Panch phoran is sometimes written as paanch phoran or panch phoron. It literally translates to five spices or five flavors. The word panch (or paanch) means five. The spice mix has various other names depending on where in Asia it is being used. For example, it may be called padkaune masala in Nepal. It is also sometimes called Indian five spice.
The spices that make up a traditional panch phoran blend are nigella seeds, fenugreek seeds, and cumin seeds along with black mustard seed and fennel seed. Some varieties of Bengali panch phoran may be made with radhuni instead of mustard seed. Celery seeds may be used in place of the radhuni.
Aside from the spices used to make it, panch phoran also differs from garam masala and other Indian spice mixes in that the traditional version is consists of whole spices rather than ground. All of the spices are added to the mix in equal amounts in most traditional blends; however, this can be a matter of taste as it is with most spice blends.
While the true history of panch phoran is unknown, some historians believe that it has to do with the importance of the number five in ayurveda. The number five may be related to the Pancha Bhoota, which is the basic five elements that Hindus claim is the basis of creation. Those elements are fire and water along with air, earth and ether. Buddhists also consider the number to be meaningful. The number five shows up repeatedly in Indian food and Bengali cuisine in particular.
Panch phoran flavor profile
The fenugreek gives panch phoran its distinctive nutty pungency and bitterness.
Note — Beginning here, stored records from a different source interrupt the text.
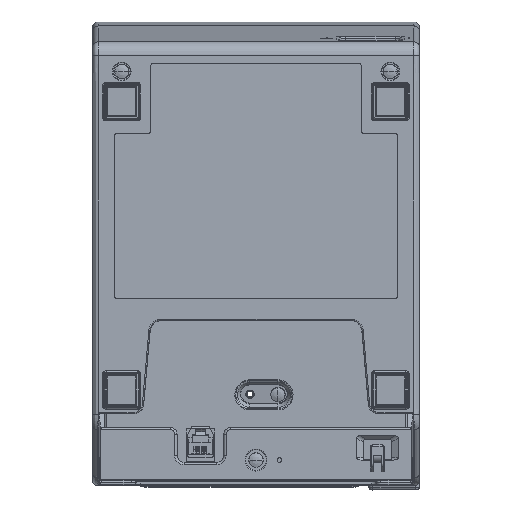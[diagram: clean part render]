
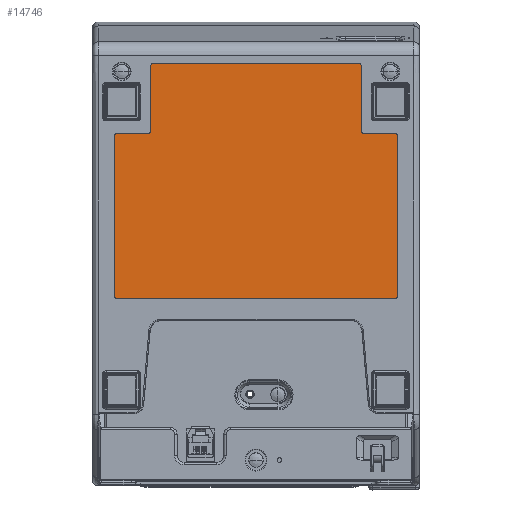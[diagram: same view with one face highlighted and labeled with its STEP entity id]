
A CAD part, front view. The second image highlights one B-rep face of the part: STEP entity #14746.
In plain terms, the highlighted planar face has unit normal (0, -1, 0).
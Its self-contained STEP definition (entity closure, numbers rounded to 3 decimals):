
#1990=DIRECTION('',(1.,0.,0.));
#1991=VECTOR('',#1990,13.5);
#1992=CARTESIAN_POINT('',(-59.5,0.4,-49.));
#1993=LINE('',#1992,#1991);
#1994=CARTESIAN_POINT('',(-46.,0.4,-48.));
#1995=DIRECTION('',(0.,-1.,0.));
#1996=DIRECTION('',(0.,0.,-1.));
#1997=AXIS2_PLACEMENT_3D('',#1994,#1995,#1996);
#1999=DIRECTION('',(0.,0.,1.));
#2000=VECTOR('',#1999,28.);
#2001=CARTESIAN_POINT('',(-45.,0.4,-48.));
#2002=LINE('',#2001,#2000);
#2003=CARTESIAN_POINT('',(-44.,0.4,-20.));
#2004=DIRECTION('',(0.,1.,0.));
#2005=DIRECTION('',(-1.,0.,0.));
#2006=AXIS2_PLACEMENT_3D('',#2003,#2004,#2005);
#2008=DIRECTION('',(1.,0.,0.));
#2009=VECTOR('',#2008,88.);
#2010=CARTESIAN_POINT('',(-44.,0.4,-19.));
#2011=LINE('',#2010,#2009);
#2012=CARTESIAN_POINT('',(44.,0.4,-20.));
#2013=DIRECTION('',(0.,1.,0.));
#2014=DIRECTION('',(0.,0.,1.));
#2015=AXIS2_PLACEMENT_3D('',#2012,#2013,#2014);
#2017=DIRECTION('',(0.,0.,-1.));
#2018=VECTOR('',#2017,28.);
#2019=CARTESIAN_POINT('',(45.,0.4,-20.));
#2020=LINE('',#2019,#2018);
#2021=CARTESIAN_POINT('',(46.,0.4,-48.));
#2022=DIRECTION('',(0.,-1.,0.));
#2023=DIRECTION('',(-1.,0.,0.));
#2024=AXIS2_PLACEMENT_3D('',#2021,#2022,#2023);
#2026=DIRECTION('',(1.,0.,0.));
#2027=VECTOR('',#2026,13.5);
#2028=CARTESIAN_POINT('',(46.,0.4,-49.));
#2029=LINE('',#2028,#2027);
#2030=CARTESIAN_POINT('',(59.5,0.4,-50.));
#2031=DIRECTION('',(0.,1.,0.));
#2032=DIRECTION('',(0.,0.,1.));
#2033=AXIS2_PLACEMENT_3D('',#2030,#2031,#2032);
#2035=DIRECTION('',(0.,0.,-1.));
#2036=VECTOR('',#2035,69.);
#2037=CARTESIAN_POINT('',(60.5,0.4,-50.));
#2038=LINE('',#2037,#2036);
#2039=CARTESIAN_POINT('',(59.5,0.4,-119.));
#2040=DIRECTION('',(0.,1.,0.));
#2041=DIRECTION('',(1.,0.,0.));
#2042=AXIS2_PLACEMENT_3D('',#2039,#2040,#2041);
#2044=DIRECTION('',(-1.,0.,0.));
#2045=VECTOR('',#2044,119.);
#2046=CARTESIAN_POINT('',(59.5,0.4,-120.));
#2047=LINE('',#2046,#2045);
#2048=CARTESIAN_POINT('',(-59.5,0.4,-119.));
#2049=DIRECTION('',(0.,1.,0.));
#2050=DIRECTION('',(0.,0.,-1.));
#2051=AXIS2_PLACEMENT_3D('',#2048,#2049,#2050);
#2053=DIRECTION('',(0.,0.,1.));
#2054=VECTOR('',#2053,69.);
#2055=CARTESIAN_POINT('',(-60.5,0.4,-119.));
#2056=LINE('',#2055,#2054);
#2057=CARTESIAN_POINT('',(-59.5,0.4,-50.));
#2058=DIRECTION('',(0.,1.,0.));
#2059=DIRECTION('',(-1.,0.,0.));
#2060=AXIS2_PLACEMENT_3D('',#2057,#2058,#2059);
#12872=CARTESIAN_POINT('',(-59.5,0.4,-49.));
#12873=CARTESIAN_POINT('',(-60.5,0.4,-50.));
#12874=VERTEX_POINT('',#12872);
#12875=VERTEX_POINT('',#12873);
#12876=CARTESIAN_POINT('',(59.5,0.4,-120.));
#12877=CARTESIAN_POINT('',(60.5,0.4,-119.));
#12878=VERTEX_POINT('',#12876);
#12879=VERTEX_POINT('',#12877);
#12880=CARTESIAN_POINT('',(-60.5,0.4,-119.));
#12881=CARTESIAN_POINT('',(-59.5,0.4,-120.));
#12882=VERTEX_POINT('',#12880);
#12883=VERTEX_POINT('',#12881);
#12884=CARTESIAN_POINT('',(60.5,0.4,-50.));
#12885=VERTEX_POINT('',#12884);
#13493=CARTESIAN_POINT('',(59.5,0.4,-49.));
#13494=VERTEX_POINT('',#13493);
#13495=CARTESIAN_POINT('',(-44.,0.4,-19.));
#13496=CARTESIAN_POINT('',(-45.,0.4,-20.));
#13497=VERTEX_POINT('',#13495);
#13498=VERTEX_POINT('',#13496);
#13499=CARTESIAN_POINT('',(45.,0.4,-20.));
#13500=CARTESIAN_POINT('',(44.,0.4,-19.));
#13501=VERTEX_POINT('',#13499);
#13502=VERTEX_POINT('',#13500);
#13519=CARTESIAN_POINT('',(-46.,0.4,-49.));
#13520=VERTEX_POINT('',#13519);
#13521=CARTESIAN_POINT('',(46.,0.4,-49.));
#13522=CARTESIAN_POINT('',(45.,0.4,-48.));
#13523=VERTEX_POINT('',#13521);
#13524=VERTEX_POINT('',#13522);
#13525=CARTESIAN_POINT('',(-45.,0.4,-48.));
#13526=VERTEX_POINT('',#13525);
#14707=CARTESIAN_POINT('',(0.,0.4,0.));
#14708=DIRECTION('',(0.,-1.,0.));
#14709=DIRECTION('',(1.,0.,0.));
#14710=AXIS2_PLACEMENT_3D('',#14707,#14708,#14709);
#14711=PLANE('',#14710);
#14713=ORIENTED_EDGE('',*,*,#14712,.T.);
#14715=ORIENTED_EDGE('',*,*,#14714,.T.);
#14717=ORIENTED_EDGE('',*,*,#14716,.T.);
#14719=ORIENTED_EDGE('',*,*,#14718,.T.);
#14721=ORIENTED_EDGE('',*,*,#14720,.T.);
#14723=ORIENTED_EDGE('',*,*,#14722,.T.);
#14725=ORIENTED_EDGE('',*,*,#14724,.T.);
#14727=ORIENTED_EDGE('',*,*,#14726,.T.);
#14729=ORIENTED_EDGE('',*,*,#14728,.T.);
#14731=ORIENTED_EDGE('',*,*,#14730,.T.);
#14733=ORIENTED_EDGE('',*,*,#14732,.T.);
#14735=ORIENTED_EDGE('',*,*,#14734,.T.);
#14737=ORIENTED_EDGE('',*,*,#14736,.T.);
#14739=ORIENTED_EDGE('',*,*,#14738,.T.);
#14741=ORIENTED_EDGE('',*,*,#14740,.T.);
#14743=ORIENTED_EDGE('',*,*,#14742,.T.);
#14744=EDGE_LOOP('',(#14713,#14715,#14717,#14719,#14721,#14723,#14725,#14727,
#14729,#14731,#14733,#14735,#14737,#14739,#14741,#14743));
#14745=FACE_OUTER_BOUND('',#14744,.F.);
#1998=CIRCLE('',#1997,1.);
#2007=CIRCLE('',#2006,1.);
#2016=CIRCLE('',#2015,1.);
#2025=CIRCLE('',#2024,1.);
#2034=CIRCLE('',#2033,1.);
#2043=CIRCLE('',#2042,1.);
#2052=CIRCLE('',#2051,1.);
#2061=CIRCLE('',#2060,1.);
#14712=EDGE_CURVE('',#12874,#13520,#1993,.T.);
#14714=EDGE_CURVE('',#13520,#13526,#1998,.T.);
#14716=EDGE_CURVE('',#13526,#13498,#2002,.T.);
#14718=EDGE_CURVE('',#13498,#13497,#2007,.T.);
#14720=EDGE_CURVE('',#13497,#13502,#2011,.T.);
#14722=EDGE_CURVE('',#13502,#13501,#2016,.T.);
#14724=EDGE_CURVE('',#13501,#13524,#2020,.T.);
#14726=EDGE_CURVE('',#13524,#13523,#2025,.T.);
#14728=EDGE_CURVE('',#13523,#13494,#2029,.T.);
#14730=EDGE_CURVE('',#13494,#12885,#2034,.T.);
#14732=EDGE_CURVE('',#12885,#12879,#2038,.T.);
#14734=EDGE_CURVE('',#12879,#12878,#2043,.T.);
#14736=EDGE_CURVE('',#12878,#12883,#2047,.T.);
#14738=EDGE_CURVE('',#12883,#12882,#2052,.T.);
#14740=EDGE_CURVE('',#12882,#12875,#2056,.T.);
#14742=EDGE_CURVE('',#12875,#12874,#2061,.T.);
#14746=ADVANCED_FACE('',(#14745),#14711,.T.);
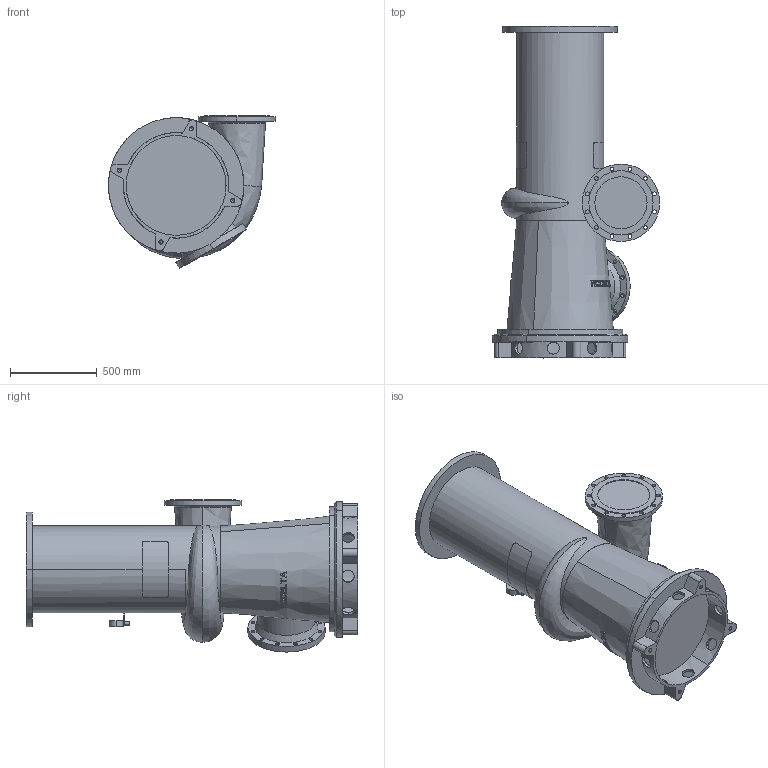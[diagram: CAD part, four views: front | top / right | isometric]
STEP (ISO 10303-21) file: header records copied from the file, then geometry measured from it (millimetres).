
FILE_DESCRIPTION((''),'2;1');
FILE_NAME('12-510_ASM','2024-08-05T',('Lyritlocal'),(''),'PRO/ENGINEER BY PARAMETRIC TECHNOLOGY CORPORATION, 2016360','PRO/ENGINEER BY PARAMETRIC TECHNOLOGY CORPORATION, 2016360','');
FILE_SCHEMA(('CONFIG_CONTROL_DESIGN'));
Length unit declared in the file: millimetre
Products named in the file (3): 12-510; 12-510_VOET; 12-510_ASM
Assembly tree (2 placements, depth 2):
  12-510_ASM
    12-510
    12-510_VOET
Bounding box: 962.5 x 1910 x 875.85 mm (x, y, z)
Volume: 485964673.1 mm3; surface area: 6451901.8 mm2
Topology: 2 solids, 6 shells, 503 faces, 1366 edges, 900 vertices
Faces by surface type: plane 323, cylinder 138, cone 36, bspline 6
Entity records: 18234 total; most frequent: CARTESIAN_POINT 5945, ORIENTED_EDGE 2700, DIRECTION 2279, EDGE_CURVE 1358, VERTEX_POINT 900, AXIS2_PLACEMENT_3D 896, EDGE_LOOP 608, FACE_OUTER_BOUND 503

The nigella seeds provide a light peppery flavor, while cumin brings an earthy quality. Radhuni can add a herbaceous note that is intense enough to compete for dominance with the fenugreek. In blends that use black mustard seeds, they bring an aggressive tanginess. Fennel brings a potent sweetness that helps to soften the bitterness of the fenugreek and the cumin.
Health benefits of panch phoran
Because all of its ingredient spices are nutritious, panch phoran is a good source of the following compounds:
- Minerals: Most of the spices in panch phoran are good sources of minerals, including calcium and iron.
- Fiber: Most spices are good sources of dietary fiber, including fennel seeds and the other spices in panch phoran.
- Vitamins: While the spices in panch phoran are not particularly good sources of major vitamins, B vitamins like thiamin and niacin are present in modest amounts.
Panch phoran’s blend of spices may not be the first line of treatment for any health problems, but they do contain nutrients known to be beneficial for:
- Diabetes: Fenugreek, cumin and nigella are all believed to be beneficial for blood sugar control. As a result, panch phoran may contribute to the management or prevention of type 2 diabetes.
- Digestive problems: Cumin and fennel seeds time-honored digestive aids used to treat everything from constipation to heartburn.
Panch phoran is used mostly in the cuisines from the eastern side of India including Bengal, Bangladesh, and Nepal. In most cases, the tempering method is used to add it to a dish. Tempering involves frying the spices in ghee or oil. The spices are removed and the ghee or oil is used in the dish. Common applications include the mixed vegetable dish that is popular in Bengal known as shukto. Panch phoran is also used in pickles and stews. If you are not interested in holding to tradition, you can simply grind the spices and use them as a barbecue rub.